**Exercise brief**
Determine the number of lines in the listing below in which the word "cylindrical" is present, and state it without comment.

Segment Start: Data to use

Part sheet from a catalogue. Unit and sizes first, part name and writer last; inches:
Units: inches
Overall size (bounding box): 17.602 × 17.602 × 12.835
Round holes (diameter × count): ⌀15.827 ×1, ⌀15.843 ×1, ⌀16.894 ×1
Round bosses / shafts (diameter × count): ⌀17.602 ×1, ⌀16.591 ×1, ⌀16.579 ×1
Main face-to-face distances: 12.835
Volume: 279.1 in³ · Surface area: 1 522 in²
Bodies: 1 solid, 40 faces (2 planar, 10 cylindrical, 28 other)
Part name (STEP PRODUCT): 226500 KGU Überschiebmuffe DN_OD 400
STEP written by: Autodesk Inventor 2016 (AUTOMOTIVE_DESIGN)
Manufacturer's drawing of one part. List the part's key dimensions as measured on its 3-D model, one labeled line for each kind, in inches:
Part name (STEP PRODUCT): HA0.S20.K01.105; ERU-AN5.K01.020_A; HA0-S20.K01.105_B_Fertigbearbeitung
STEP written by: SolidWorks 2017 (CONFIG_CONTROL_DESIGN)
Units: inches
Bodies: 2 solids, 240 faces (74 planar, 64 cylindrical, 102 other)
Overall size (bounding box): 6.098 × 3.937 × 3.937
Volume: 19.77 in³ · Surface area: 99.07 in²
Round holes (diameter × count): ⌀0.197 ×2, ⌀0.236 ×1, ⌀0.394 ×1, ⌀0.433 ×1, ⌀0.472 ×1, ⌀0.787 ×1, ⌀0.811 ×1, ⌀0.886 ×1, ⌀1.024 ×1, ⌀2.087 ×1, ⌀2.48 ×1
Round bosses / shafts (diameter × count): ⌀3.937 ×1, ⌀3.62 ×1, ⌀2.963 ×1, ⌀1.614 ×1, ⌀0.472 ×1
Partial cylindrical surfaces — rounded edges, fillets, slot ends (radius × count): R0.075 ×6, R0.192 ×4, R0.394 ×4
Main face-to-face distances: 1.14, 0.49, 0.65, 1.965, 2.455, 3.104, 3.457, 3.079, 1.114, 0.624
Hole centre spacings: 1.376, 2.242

Segment End: Data to use

**Response box**
3